The clinical microbiology laboratory has historically been considered “low-tech,” especially when compared to the clinical chemistry laboratory. However, systems are emerging for the clinical microbiology laboratory with the potential to automate almost all areas of testing, including inoculation of primary culture plates, detection of growth on culture media, identification of microorganisms, susceptibility testing, and extraction and detection of nucleic acids in clinical samples. As a result, the workflow in the microbiology laboratory is changing at a rapid pace and microbiologists have the challenge of selecting the most appropriate, clinically useful, and cost-effective automation for their laboratories. We have asked 4 experts in this field, from clinical microbiology laboratories in the US and Europe, as well as from industry, to comment on the feasibility and impact of automation in the clinical microbiology laboratory. Are you currently using or do you anticipate using an automation platform in your microbiology laboratory? If yes, which sections of your laboratory are automated? Robin Patel: Mayo Clinic's clinical microbiology laboratory has been performing testing since 1911. Although select tests today resemble those performed a century ago, we have many examples of automated, state-of-the-art tests. These include blood cultures, infectious disease serologic platforms, and nucleic acid and proteomic diagnostics, to name a few. For over 2 decades, microbiology laboratories have been using automated blood culture instruments that “sense” microbial growth in blood culture bottles and “flag” positive bottles for immediate attention by laboratory technologists.
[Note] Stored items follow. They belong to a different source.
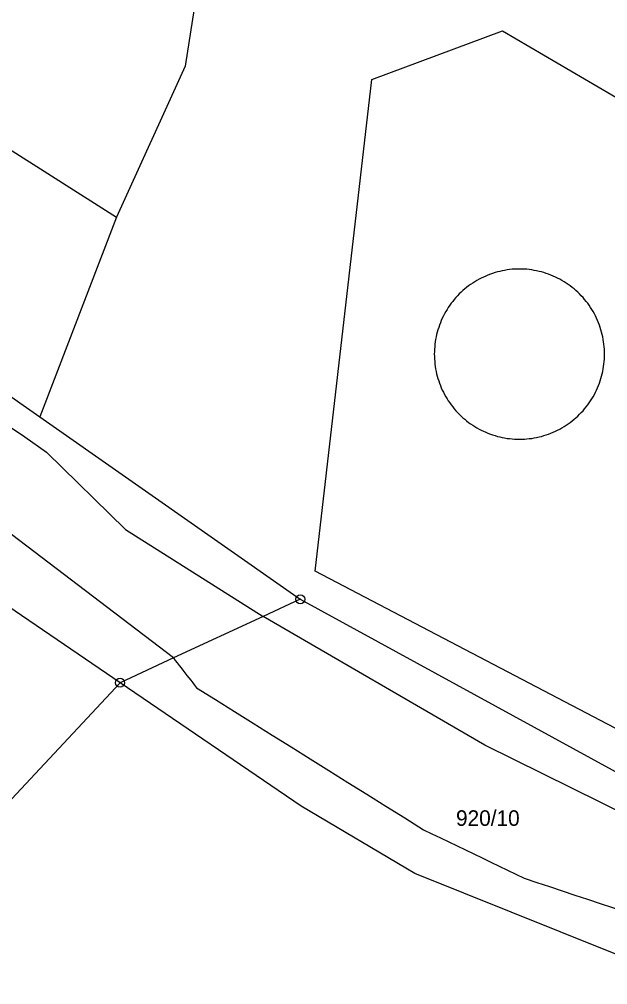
# Model space of a CAD drawing. Extents: x -504988 to -494607, y -1123820 to -1114018.
# Drawn here: x -502739.9 to -502675.6, y -1120098.4 to -1119993 of the extents above; entities that cross this region are included whole.
import ezdxf

# ---------------------------------------------------------------- set-up
doc = ezdxf.new("R2010")
doc.units = 0
for name, color, linetype in [('Hranice parcel', 7, 'Continuous'), ('Parcelní čísla', 7, 'Continuous'), ('Vnitřní kresba', 7, 'Continuous'), ('Značky bodu BP', 7, 'Continuous')]:
    doc.layers.add(name, color=color, linetype=linetype)

msp = doc.modelspace()

# ---------------------------------------------------------------- linework, layer by layer
at = {"layer": 'Hranice parcel'}
for p, q in [((-502762.74, -1119993.42), (-502729.28, -1120014.6)), ((-502769.23, -1120014.3), (-502737.68, -1120036.4)), ((-502729.28, -1120014.6), (-502737.68, -1120036.4)), ((-502737.68, -1120036.4), (-502709.22, -1120056.33)), ((-502709.22, -1120056.33), (-502641.22, -1120093.53)), ((-502728.91, -1120065.44), (-502856.99, -1120202.68))]:
    msp.add_line(p, q, dxfattribs=at)
for points in [[(-502722.85, -1119971.39), (-502720.44, -1119989.45), (-502721.8, -1119998.1), (-502729.28, -1120014.6)], [(-502636.63, -1120090.4), (-502707.59, -1120053.28), (-502701.42, -1119999.56), (-502687.15, -1119994.27), (-502591.59, -1120050.18)], [(-502728.91, -1120065.44), (-502743.49, -1120055.51), (-502746.69, -1120049.46), (-502754.13, -1120043.86)], [(-502709.22, -1120056.33), (-502713.26, -1120058.2), (-502723.08, -1120062.74), (-502728.91, -1120065.44)], [(-502647.12, -1120106.17), (-502680.82, -1120092.66), (-502696.71, -1120086.27), (-502709.13, -1120078.92), (-502728.91, -1120065.44)]]:
    msp.add_lwpolyline(points, dxfattribs=at)
at = {"layer": 'Vnitřní kresba'}
for p, q in [((-502744.14, -1120035.36), (-502739.32, -1120038.6)), ((-502739.32, -1120038.6), (-502736.93, -1120040.26)), ((-502723.08, -1120062.74), (-502751.84, -1120040.82)), ((-502736.93, -1120040.26), (-502728.3, -1120048.72)), ((-502728.3, -1120048.72), (-502713.26, -1120058.2)), ((-502689.06, -1120072.27), (-502713.26, -1120058.2)), ((-502664.68, -1120084.3), (-502689.06, -1120072.27))]:
    msp.add_line(p, q, dxfattribs=at)
for points in [[(-502685.28, -1120020.27), (-502685.55, -1120020.27), (-502685.82, -1120020.28), (-502686.09, -1120020.3), (-502686.36, -1120020.33), (-502686.63, -1120020.37), (-502686.9, -1120020.41), (-502687.16, -1120020.46), (-502687.43, -1120020.52), (-502687.69, -1120020.58), (-502687.95, -1120020.66), (-502688.21, -1120020.74), (-502688.46, -1120020.83), (-502688.72, -1120020.93), (-502688.97, -1120021.03), (-502689.21, -1120021.14), (-502689.46, -1120021.26), (-502689.69, -1120021.38), (-502689.93, -1120021.51), (-502690.16, -1120021.65), (-502690.39, -1120021.8), (-502690.61, -1120021.95), (-502690.83, -1120022.11), (-502691.05, -1120022.27), (-502691.26, -1120022.44), (-502691.46, -1120022.62), (-502691.66, -1120022.8), (-502691.85, -1120022.99), (-502692.04, -1120023.18), (-502692.23, -1120023.38), (-502692.4, -1120023.59), (-502692.57, -1120023.8), (-502692.74, -1120024.01), (-502692.9, -1120024.23), (-502693.05, -1120024.46), (-502693.19, -1120024.68), (-502693.33, -1120024.92), (-502693.46, -1120025.15), (-502693.59, -1120025.39), (-502693.71, -1120025.63), (-502693.82, -1120025.88), (-502693.92, -1120026.13), (-502694.02, -1120026.38), (-502694.1, -1120026.64), (-502694.19, -1120026.9), (-502694.26, -1120027.16), (-502694.33, -1120027.42), (-502694.39, -1120027.68), (-502694.44, -1120027.95), (-502694.48, -1120028.22), (-502694.51, -1120028.48), (-502694.54, -1120028.75), (-502694.56, -1120029.02), (-502694.57, -1120029.29), (-502694.58, -1120029.56), (-502694.57, -1120029.83), (-502694.56, -1120030.1), (-502694.54, -1120030.37), (-502694.51, -1120030.64), (-502694.48, -1120030.91), (-502694.44, -1120031.18), (-502694.39, -1120031.44), (-502694.33, -1120031.71), (-502694.26, -1120031.97), (-502694.19, -1120032.23), (-502694.1, -1120032.49), (-502694.02, -1120032.74), (-502693.92, -1120032.99), (-502693.82, -1120033.24), (-502693.71, -1120033.49), (-502693.59, -1120033.73), (-502693.46, -1120033.97), (-502693.33, -1120034.21), (-502693.19, -1120034.44), (-502693.05, -1120034.67), (-502692.9, -1120034.89), (-502692.74, -1120035.11), (-502692.57, -1120035.32), (-502692.4, -1120035.53), (-502692.23, -1120035.74), (-502692.04, -1120035.94), (-502691.85, -1120036.13), (-502691.66, -1120036.32), (-502691.46, -1120036.5), (-502691.26, -1120036.68), (-502691.05, -1120036.85), (-502690.83, -1120037.02), (-502690.61, -1120037.17), (-502690.39, -1120037.33), (-502690.16, -1120037.47), (-502689.93, -1120037.61), (-502689.69, -1120037.74), (-502689.46, -1120037.87), (-502689.21, -1120037.98), (-502688.97, -1120038.09), (-502688.72, -1120038.2), (-502688.46, -1120038.29), (-502688.21, -1120038.38), (-502687.95, -1120038.46), (-502687.69, -1120038.54), (-502687.43, -1120038.6)], [(-502681.11, -1120021.26), (-502681.36, -1120021.14), (-502681.6, -1120021.03), (-502681.85, -1120020.93), (-502682.11, -1120020.83), (-502682.36, -1120020.74), (-502682.62, -1120020.66), (-502682.88, -1120020.58), (-502683.14, -1120020.52), (-502683.41, -1120020.46), (-502683.67, -1120020.41), (-502683.94, -1120020.37), (-502684.21, -1120020.33), (-502684.47, -1120020.3), (-502684.74, -1120020.28), (-502685.01, -1120020.27), (-502685.28, -1120020.27)], [(-502687.43, -1120038.6), (-502687.16, -1120038.66), (-502686.9, -1120038.71), (-502686.63, -1120038.76), (-502686.36, -1120038.79), (-502686.09, -1120038.82), (-502685.82, -1120038.84), (-502685.55, -1120038.85), (-502685.28, -1120038.85), (-502685.01, -1120038.85), (-502684.74, -1120038.84), (-502684.47, -1120038.82), (-502684.21, -1120038.79), (-502683.94, -1120038.76), (-502683.67, -1120038.71), (-502683.41, -1120038.66), (-502683.14, -1120038.6), (-502682.88, -1120038.54), (-502682.62, -1120038.46), (-502682.36, -1120038.38), (-502682.11, -1120038.29), (-502681.85, -1120038.2), (-502681.6, -1120038.09), (-502681.36, -1120037.98), (-502681.11, -1120037.87), (-502680.87, -1120037.74), (-502680.64, -1120037.61), (-502680.41, -1120037.47), (-502680.18, -1120037.33), (-502679.95, -1120037.17), (-502679.73, -1120037.02), (-502679.52, -1120036.85), (-502679.31, -1120036.68), (-502679.11, -1120036.5), (-502678.91, -1120036.32), (-502678.71, -1120036.13), (-502678.53, -1120035.94), (-502678.34, -1120035.74), (-502678.17, -1120035.53), (-502677.99, -1120035.32), (-502677.83, -1120035.11), (-502677.67, -1120034.89), (-502677.52, -1120034.67), (-502677.38, -1120034.44), (-502677.24, -1120034.21), (-502677.1, -1120033.97), (-502676.98, -1120033.73), (-502676.86, -1120033.49), (-502676.75, -1120033.24), (-502676.65, -1120032.99), (-502676.55, -1120032.74), (-502676.46, -1120032.49), (-502676.38, -1120032.23), (-502676.31, -1120031.97), (-502676.24, -1120031.71), (-502676.18, -1120031.44), (-502676.13, -1120031.18), (-502676.09, -1120030.91), (-502676.05, -1120030.64), (-502676.03, -1120030.37), (-502676.01, -1120030.1), (-502675.99, -1120029.83), (-502675.99, -1120029.56), (-502675.99, -1120029.29), (-502676.01, -1120029.02), (-502676.03, -1120028.75), (-502676.05, -1120028.48), (-502676.09, -1120028.22), (-502676.13, -1120027.95), (-502676.18, -1120027.68), (-502676.24, -1120027.42), (-502676.31, -1120027.16), (-502676.38, -1120026.9), (-502676.46, -1120026.64), (-502676.55, -1120026.38), (-502676.65, -1120026.13), (-502676.75, -1120025.88), (-502676.86, -1120025.63), (-502676.98, -1120025.39), (-502677.1, -1120025.15), (-502677.24, -1120024.92), (-502677.38, -1120024.68), (-502677.52, -1120024.46), (-502677.67, -1120024.23), (-502677.83, -1120024.01), (-502677.99, -1120023.8), (-502678.17, -1120023.59), (-502678.34, -1120023.38), (-502678.53, -1120023.18), (-502678.71, -1120022.99), (-502678.91, -1120022.8), (-502679.11, -1120022.62), (-502679.31, -1120022.44), (-502679.52, -1120022.27), (-502679.73, -1120022.11), (-502679.95, -1120021.95), (-502680.18, -1120021.8), (-502680.41, -1120021.65), (-502680.64, -1120021.51), (-502680.87, -1120021.38), (-502681.11, -1120021.26)], [(-502723.08, -1120062.74), (-502722.87, -1120063.01), (-502722.66, -1120063.28), (-502722.45, -1120063.55), (-502722.24, -1120063.82), (-502722.03, -1120064.09), (-502721.82, -1120064.36), (-502721.6, -1120064.64), (-502721.39, -1120064.91), (-502721.18, -1120065.18), (-502720.97, -1120065.45), (-502720.76, -1120065.72), (-502720.55, -1120065.99)], [(-502720.55, -1120065.99), (-502718.49, -1120067.28), (-502716.41, -1120068.58), (-502714.35, -1120069.87), (-502712.29, -1120071.16), (-502710.21, -1120072.46), (-502708.15, -1120073.75), (-502706.09, -1120075.03), (-502704.01, -1120076.33), (-502701.95, -1120077.62), (-502699.89, -1120078.91), (-502697.81, -1120080.21), (-502695.75, -1120081.5)], [(-502695.75, -1120081.5), (-502694.84, -1120081.94), (-502693.91, -1120082.38), (-502693, -1120082.82), (-502692.09, -1120083.26), (-502691.16, -1120083.71), (-502690.25, -1120084.15), (-502689.34, -1120084.58), (-502688.41, -1120085.03), (-502687.5, -1120085.47), (-502686.59, -1120085.91), (-502685.66, -1120086.35), (-502684.75, -1120086.79)], [(-502684.75, -1120086.79), (-502683.38, -1120087.25), (-502681.99, -1120087.71), (-502680.62, -1120088.17), (-502679.25, -1120088.63), (-502677.86, -1120089.09), (-502676.48, -1120089.55), (-502675.11, -1120090.01), (-502673.72, -1120090.47), (-502672.35, -1120090.93), (-502670.98, -1120091.39), (-502669.59, -1120091.85), (-502668.22, -1120092.31)]]:
    msp.add_lwpolyline(points, dxfattribs=at)
at = {"layer": 'Značky bodu BP'}
for centre, radius in [((-502709.22, -1120056.33), 0.5), ((-502709.22, -1120056.33), 0.0303), ((-502728.91, -1120065.44), 0.5), ((-502728.91, -1120065.44), 0.0303)]:
    msp.add_circle(centre, radius, dxfattribs=at)

# ---------------------------------------------------------------- texts
at = {"layer": 'Parcelní čísla'}
msp.add_text('920/10', height=1.7, dxfattribs=at).set_placement((-502692.21, -1120081.08))

doc.saveas('drawing.dxf')

Before the availability of such systems (in the not-so-distant past), laboratory technologists manually evaluated each blood culture bottle on multiple occasions. Technologists today could not fathom returning to the manual approach used a mere 3 decades ago. As with many chemistry tests, a myriad of infectious disease serologic tests are performed on automated platforms. Nucleic acid diagnostics, which have been used in our …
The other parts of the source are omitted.